Records supplied START

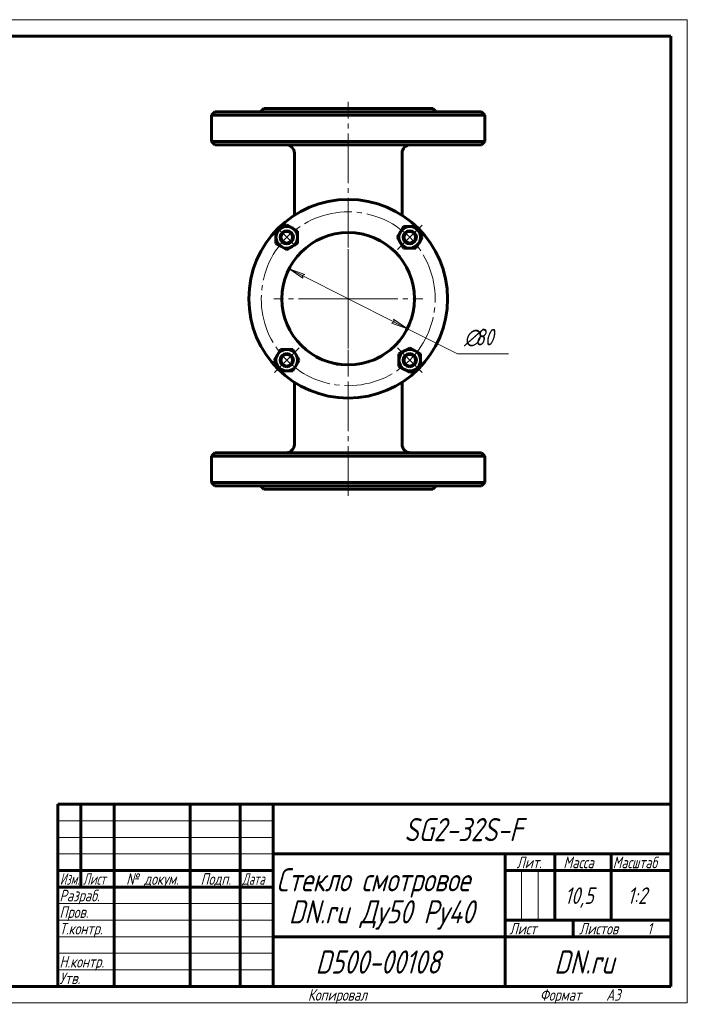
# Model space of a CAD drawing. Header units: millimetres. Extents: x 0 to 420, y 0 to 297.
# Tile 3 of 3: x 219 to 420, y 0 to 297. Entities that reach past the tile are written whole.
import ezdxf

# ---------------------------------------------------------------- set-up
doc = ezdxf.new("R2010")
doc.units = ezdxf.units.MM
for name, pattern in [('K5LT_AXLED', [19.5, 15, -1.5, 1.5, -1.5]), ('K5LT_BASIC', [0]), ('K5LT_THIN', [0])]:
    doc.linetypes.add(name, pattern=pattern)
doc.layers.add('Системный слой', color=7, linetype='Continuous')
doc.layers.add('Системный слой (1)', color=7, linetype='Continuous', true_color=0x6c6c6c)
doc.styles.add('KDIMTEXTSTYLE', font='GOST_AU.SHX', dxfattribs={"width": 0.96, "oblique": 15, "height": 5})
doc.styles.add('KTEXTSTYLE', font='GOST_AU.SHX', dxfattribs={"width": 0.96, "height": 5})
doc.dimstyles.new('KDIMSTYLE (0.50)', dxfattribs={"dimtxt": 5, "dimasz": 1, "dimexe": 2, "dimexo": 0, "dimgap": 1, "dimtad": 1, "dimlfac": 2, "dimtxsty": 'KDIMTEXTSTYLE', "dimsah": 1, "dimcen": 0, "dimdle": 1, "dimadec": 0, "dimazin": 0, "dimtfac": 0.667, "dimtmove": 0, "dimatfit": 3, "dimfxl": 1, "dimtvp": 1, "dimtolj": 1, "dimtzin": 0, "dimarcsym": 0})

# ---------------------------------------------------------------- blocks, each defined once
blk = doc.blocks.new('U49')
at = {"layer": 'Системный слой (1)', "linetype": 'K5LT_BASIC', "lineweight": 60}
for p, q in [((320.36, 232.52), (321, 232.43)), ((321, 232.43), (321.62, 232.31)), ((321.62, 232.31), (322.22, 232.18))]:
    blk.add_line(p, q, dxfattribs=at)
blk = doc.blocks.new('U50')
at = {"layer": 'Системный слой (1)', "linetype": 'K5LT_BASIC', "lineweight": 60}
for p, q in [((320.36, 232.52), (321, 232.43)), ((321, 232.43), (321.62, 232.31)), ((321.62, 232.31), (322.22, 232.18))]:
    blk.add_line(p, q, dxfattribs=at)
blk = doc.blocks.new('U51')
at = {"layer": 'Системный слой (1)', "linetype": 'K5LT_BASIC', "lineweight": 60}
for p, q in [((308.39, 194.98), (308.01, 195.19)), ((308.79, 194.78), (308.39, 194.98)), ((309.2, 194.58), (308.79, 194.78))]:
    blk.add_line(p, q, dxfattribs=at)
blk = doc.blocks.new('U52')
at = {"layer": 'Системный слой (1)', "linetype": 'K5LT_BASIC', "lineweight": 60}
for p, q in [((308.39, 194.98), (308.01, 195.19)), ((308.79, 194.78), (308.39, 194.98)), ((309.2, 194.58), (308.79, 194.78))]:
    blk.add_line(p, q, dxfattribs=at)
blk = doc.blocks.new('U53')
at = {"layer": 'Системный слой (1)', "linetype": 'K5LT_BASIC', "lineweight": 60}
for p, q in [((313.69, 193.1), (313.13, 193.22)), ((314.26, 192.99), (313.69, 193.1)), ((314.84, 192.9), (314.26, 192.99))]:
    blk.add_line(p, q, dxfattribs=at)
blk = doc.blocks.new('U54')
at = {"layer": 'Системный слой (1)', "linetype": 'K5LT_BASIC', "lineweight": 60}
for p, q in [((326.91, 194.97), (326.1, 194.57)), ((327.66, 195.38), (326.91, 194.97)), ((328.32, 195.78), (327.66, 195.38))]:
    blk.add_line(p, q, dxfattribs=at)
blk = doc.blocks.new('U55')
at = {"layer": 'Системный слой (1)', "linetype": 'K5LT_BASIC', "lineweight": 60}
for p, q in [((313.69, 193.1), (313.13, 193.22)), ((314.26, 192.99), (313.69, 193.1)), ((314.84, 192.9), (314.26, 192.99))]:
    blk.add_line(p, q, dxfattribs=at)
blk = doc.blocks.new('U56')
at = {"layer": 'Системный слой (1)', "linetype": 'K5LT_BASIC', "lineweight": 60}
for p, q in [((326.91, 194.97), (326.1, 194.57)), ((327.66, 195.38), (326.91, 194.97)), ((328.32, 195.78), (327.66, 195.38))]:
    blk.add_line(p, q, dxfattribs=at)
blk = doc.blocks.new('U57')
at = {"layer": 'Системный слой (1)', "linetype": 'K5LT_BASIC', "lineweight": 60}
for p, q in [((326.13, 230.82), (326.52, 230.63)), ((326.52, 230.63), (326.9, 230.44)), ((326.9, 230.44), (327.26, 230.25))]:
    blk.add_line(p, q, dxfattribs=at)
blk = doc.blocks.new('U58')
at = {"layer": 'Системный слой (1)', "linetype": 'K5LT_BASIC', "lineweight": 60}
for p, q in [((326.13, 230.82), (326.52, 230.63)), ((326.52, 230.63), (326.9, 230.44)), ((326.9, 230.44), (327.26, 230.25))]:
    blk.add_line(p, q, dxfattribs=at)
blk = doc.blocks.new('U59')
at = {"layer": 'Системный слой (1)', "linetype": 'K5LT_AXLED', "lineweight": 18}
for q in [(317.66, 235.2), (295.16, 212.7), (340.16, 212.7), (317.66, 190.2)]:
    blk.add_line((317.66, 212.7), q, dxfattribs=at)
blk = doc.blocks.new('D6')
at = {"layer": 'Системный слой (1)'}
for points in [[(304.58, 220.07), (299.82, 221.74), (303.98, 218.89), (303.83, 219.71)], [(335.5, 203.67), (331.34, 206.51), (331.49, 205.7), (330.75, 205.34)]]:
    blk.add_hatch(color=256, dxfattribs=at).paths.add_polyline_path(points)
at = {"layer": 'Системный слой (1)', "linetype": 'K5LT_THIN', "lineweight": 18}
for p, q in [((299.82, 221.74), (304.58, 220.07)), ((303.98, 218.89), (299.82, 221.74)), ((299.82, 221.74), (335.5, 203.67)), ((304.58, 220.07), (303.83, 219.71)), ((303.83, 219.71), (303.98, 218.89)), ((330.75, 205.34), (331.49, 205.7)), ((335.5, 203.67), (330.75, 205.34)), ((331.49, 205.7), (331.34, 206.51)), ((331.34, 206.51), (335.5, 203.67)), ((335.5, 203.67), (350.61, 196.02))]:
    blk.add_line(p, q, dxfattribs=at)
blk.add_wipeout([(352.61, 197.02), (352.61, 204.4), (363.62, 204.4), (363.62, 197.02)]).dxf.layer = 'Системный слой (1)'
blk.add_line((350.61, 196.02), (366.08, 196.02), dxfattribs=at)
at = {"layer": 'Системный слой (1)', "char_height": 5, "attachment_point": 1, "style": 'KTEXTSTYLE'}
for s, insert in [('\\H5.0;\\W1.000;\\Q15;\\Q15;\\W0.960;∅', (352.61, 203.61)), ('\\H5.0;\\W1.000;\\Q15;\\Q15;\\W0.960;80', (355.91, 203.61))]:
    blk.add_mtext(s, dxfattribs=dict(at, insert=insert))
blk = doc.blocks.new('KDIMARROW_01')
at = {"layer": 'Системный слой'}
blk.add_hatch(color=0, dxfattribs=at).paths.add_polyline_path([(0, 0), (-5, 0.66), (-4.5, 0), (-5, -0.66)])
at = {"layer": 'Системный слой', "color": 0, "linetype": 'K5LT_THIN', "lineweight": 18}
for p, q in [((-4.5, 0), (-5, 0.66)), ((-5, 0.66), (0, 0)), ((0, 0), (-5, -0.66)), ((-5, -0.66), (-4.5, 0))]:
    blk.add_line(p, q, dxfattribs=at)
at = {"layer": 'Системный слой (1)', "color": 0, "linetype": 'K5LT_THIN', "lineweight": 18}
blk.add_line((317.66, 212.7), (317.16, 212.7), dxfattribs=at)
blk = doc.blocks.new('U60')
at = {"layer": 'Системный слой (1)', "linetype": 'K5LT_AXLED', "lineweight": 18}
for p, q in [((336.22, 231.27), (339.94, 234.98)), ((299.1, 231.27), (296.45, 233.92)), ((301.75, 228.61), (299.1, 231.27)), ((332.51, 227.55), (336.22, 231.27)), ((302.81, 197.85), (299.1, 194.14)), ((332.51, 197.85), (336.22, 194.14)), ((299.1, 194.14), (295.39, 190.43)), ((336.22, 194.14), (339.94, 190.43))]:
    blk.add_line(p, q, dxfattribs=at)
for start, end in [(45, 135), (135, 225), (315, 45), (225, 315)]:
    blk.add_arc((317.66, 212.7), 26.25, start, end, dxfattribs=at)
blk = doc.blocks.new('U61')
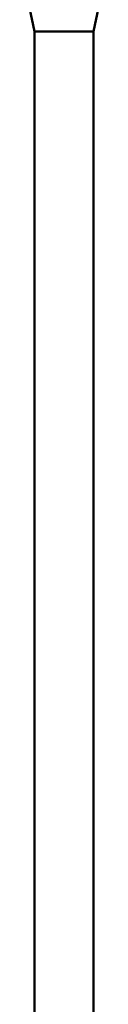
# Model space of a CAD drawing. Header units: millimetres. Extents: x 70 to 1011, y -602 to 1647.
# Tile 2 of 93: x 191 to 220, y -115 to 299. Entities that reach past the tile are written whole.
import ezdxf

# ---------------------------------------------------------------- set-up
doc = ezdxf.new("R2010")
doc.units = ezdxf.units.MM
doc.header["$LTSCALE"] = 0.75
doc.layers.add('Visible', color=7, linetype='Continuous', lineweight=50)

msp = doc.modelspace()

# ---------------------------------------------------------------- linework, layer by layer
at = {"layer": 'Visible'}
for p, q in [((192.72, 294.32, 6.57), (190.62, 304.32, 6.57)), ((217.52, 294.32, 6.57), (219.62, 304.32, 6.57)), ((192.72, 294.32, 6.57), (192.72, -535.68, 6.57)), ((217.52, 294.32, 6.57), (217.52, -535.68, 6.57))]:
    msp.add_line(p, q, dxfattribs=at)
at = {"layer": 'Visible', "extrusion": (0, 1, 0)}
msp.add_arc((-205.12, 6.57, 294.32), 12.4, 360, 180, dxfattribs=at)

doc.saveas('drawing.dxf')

Records supplied END

Assignment
Determine the number of lines in the entries that hold "Entities". Reply with that number only.

Written answer
2